Pero no hay nada de eso en una pandemia:
“La mayoría de los eventos históricos mundiales son conscientemente históricos para los participantes que los viven. Actúan sabiendo que sus decisiones se registrarán y analizarán durante las próximas décadas o siglos. Pero las epidemias crean una especie de historia desde abajo: pueden cambiar el mundo, pero los participantes son casi inevitablemente gente común, que sigue sus rutinas establecidas, sin pensar ni un segundo en cómo se registrarán sus acciones para la posteridad”.
Steven Johnson, «The Ghost Map: The Story of London’s Most Terrifying Epidemic–and How It Changed Science, Cities, and the Modern World».
Como escribió Camus en La Peste: «Ha habido en el mundo tantas pestes como guerras y, sin embargo, pestes y guerras cogen a las gentes siempre desprevenidas».
Y sin embargo, nos quieren habituar a vivir así, a saltos. Vivir de promesas, de un futuro que finalmente traerá una normalidad adecuada. Habituados a la novedad, empujados por la sensación de insuficiencia, insatisfacción e inquietud.
Las religiones han promovido siempre este sentimiento que tiene tanto enganche, esa ansiedad que se tiene por algo que sentimos que algo grande, histórico, está por venir. Que grandes cambios están en camino. Es el «advenimiento», o la «parusía», una llegada que nunca llega. Sherezade es otro ejemplo: las grandes historias con sus grandes respuestas son siempre las que llegarán después.

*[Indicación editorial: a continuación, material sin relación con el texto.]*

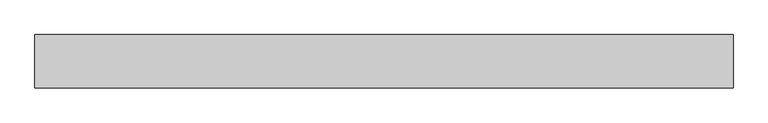
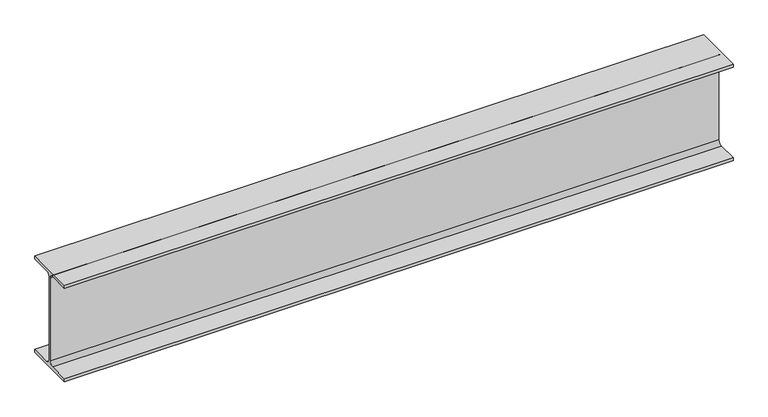
"""IFC4 building model written with IfcOpenShell, lengths in millimetres: beam geometry, 0912_Steel Framing_H-KSD3502 : H_SB_ASB_H-350x175x7x11."""

from ifc_helpers import new_model, si_unit, point, frame, frame_2d, origin, place, context, project, spatial, polyline, circle_curve, trimmed, segment, composite_curve, outline, extrude, source, transform, mapped, element, save


def beam_eb04396d(model_context):
    return source(origin(), model_context, "Body", "SweptSolid", [
        extrude(outline(composite_curve([segment(polyline([(87.5, -164.0), (87.5, -175.0), (-87.5, -175.0), (-87.5, -164.0), (-17.5, -164.0)]), True, "CONTINUOUS"), segment(trimmed(circle_curve(frame_2d((-17.5, -150.0)), 14.0), [point((-17.5, -164.0))], [point((-3.5, -150.0))], True, "CARTESIAN"), True, "CONTINUOUS"), segment(polyline([(-3.5, -150.0), (-3.5, 150.0)]), True, "CONTINUOUS"), segment(trimmed(circle_curve(frame_2d((-17.5, 150.0)), 14.0), [point((-3.5, 150.0))], [point((-17.5, 164.0))], True, "CARTESIAN"), True, "CONTINUOUS"), segment(polyline([(-17.5, 164.0), (-87.5, 164.0), (-87.5, 175.0), (87.5, 175.0), (87.5, 164.0), (17.5, 164.0)]), True, "CONTINUOUS"), segment(trimmed(circle_curve(frame_2d((17.5, 150.0)), 14.0), [point((17.5, 164.0))], [point((3.5, 150.0))], True, "CARTESIAN"), True, "CONTINUOUS"), segment(polyline([(3.5, 150.0), (3.5, -150.0)]), True, "CONTINUOUS"), segment(trimmed(circle_curve(frame_2d((17.5, -150.0)), 14.0), [point((3.5, -150.0))], [point((17.5, -164.0))], True, "CARTESIAN"), True, "CONTINUOUS"), segment(polyline([(17.5, -164.0), (87.5, -164.0)]), True, "CONTINUOUS")], self_intersect=False)), frame((-1146.3, 0.0, 0.0), z_axis=(1.0, 0.0, 0.0), x_axis=(0.0, 1.0, 0.0)), (0.0, 0.0, 1.0), 2292.6),
    ])


if __name__ == "__main__":
    model = new_model("IFC4")
    model_context = context("Model", 3, world=origin())
    ifc_project = project(units=[si_unit("LENGTHUNIT", "METRE", prefix="MILLI")], contexts=[model_context])
    site = spatial("IfcSite", under=ifc_project)
    building = spatial("IfcBuilding", under=site)
    placement = place(None, origin())
    beam_shape = beam_eb04396d(model_context)
    element("IfcBeam", 1, ObjectType="0912_Steel Framing_H-KSD3502 : H_SB_ASB_H-350x175x7x11", at=placement, inside=building, context=model_context, shape_type="MappedRepresentation", body=[
        mapped(beam_shape, transform((0.0, 0.0, 0.0), x_axis=(1.0, 0.0, 0.0), y_axis=(0.0, 1.0, 0.0), z_axis=(0.0, 0.0, 1.0))),
    ])
    save(model, "model.ifc")

# Revit data of these elements
# Type "0912_Steel Framing_H-KSD3502 : H_SB_ASB_H-350x175x7x11"
#   H_WM Code_1 = "S01AA002-00001 | Main Steel Structure Fabrication Work | Shelter/Building | Medium Steel - Standard (90KG/M>Weight≥30KG/M) | Material: (   )"
#   H_WM Code_2 = "S03AA028-00001 | Main Steel Structure Erection Work | Shelter/Building | Medium Steel (90KG/M>Weight≥30KG/M) | Material: (   )"
#   H_WM Code_3 = "S01AA010-00001 | Main Steel Structure Fabrication Work | Shelter/Building | Steel Painting/Coating | for Non-Fireproofed Steel Surface, Surface Preparation, Primer, Second & Final Coat | Material: (   )"
#   H_Q'ty Cal Type Tag = "SB-Q2"
#   Width = 17.5 cm
#   Web Thickness = 0.7 cm
#   Web Fillet = 1.4 cm
#   Warping Constant = 282000.0 cm⁶
#   W = 0
#   Torsional Moment of Inertia = 19.4042 cm⁴
#   Section Area = 63.14 cm²
#   Plastic Modulus weak axis = 174.0 cm³
#   Plastic Modulus strong axis = 868.0 cm³
#   Perimeter = 1.36 m²/m
#   Nominal Weight = 49.60 kgf/m
#   Moment of Inertia weak axis = 984.00 cm⁴
#   Moment of Inertia strong axis = 13600.00 cm⁴
#   Height = 35.0 cm
#   Flange Thickness = 1.1 cm
#   Elastic Modulus weak axis = 112.0 cm³
#   Elastic Modulus strong axis = 775.0 cm³
#   Centroid Vertical = 17.5 cm
#   Centroid Horizontal = 8.75 cm
#   Ix = 136000000
#   Length [instance default] = 1.5240 m
#   Zx = 868000
#   b = 0.1750 m
#   h = 0.3500 m
#   r = 0.0140 m
#   s = 0.0070 m
#   t = 0.0110 m
#   A = 0.006314 m²
#   Structural Material [instance default] = Steel, 45-345
#   Assembly Code = ""
# Element 1 (IfcBeam, "0912_Steel Framing_H-KSD3502 : H_SB_ASB_H-350x175x7x11")
#   Structural Material = none
# Materials
#   "Steel, 45-345": class "Metal", colour RGB 189 187 185, transparency 0, Description = "Steel 345 MPa", Cost = 0

También los profesionales del marketing nos lo han inoculado, y nos han convertido la vida en un «scroll» infinito, o eso que hacemos con el dedo gordo cuando lo deslizamos hacia abajo para actualizar el contenido de una aplicación. El dedo gordo como varita mágica para descubrir siempre algo mejor. La aleatoriedad en la recompensa hace el resto, (la caja de Skinner): un sistema para engancharnos a todos.
«Es como si estuvieran tomando cocaína conductual y la rociaran por toda la interfaz, y eso es lo que te mantiene con ganas de regresar una y otra vez», explicó Aza Raskin, diseñador de interfaces. Cuidado, una investigación de Nora Volkow, neurocientífica, explica que a causa de la adicción, tus zonas cerebrales para tomar decisiones pueden disminuir su función.Y precisamente, la impulsividad es lo que prima cuando se trata de crear necesidades supérfluas. «¡Cómpralo ya! La oferta se acaba».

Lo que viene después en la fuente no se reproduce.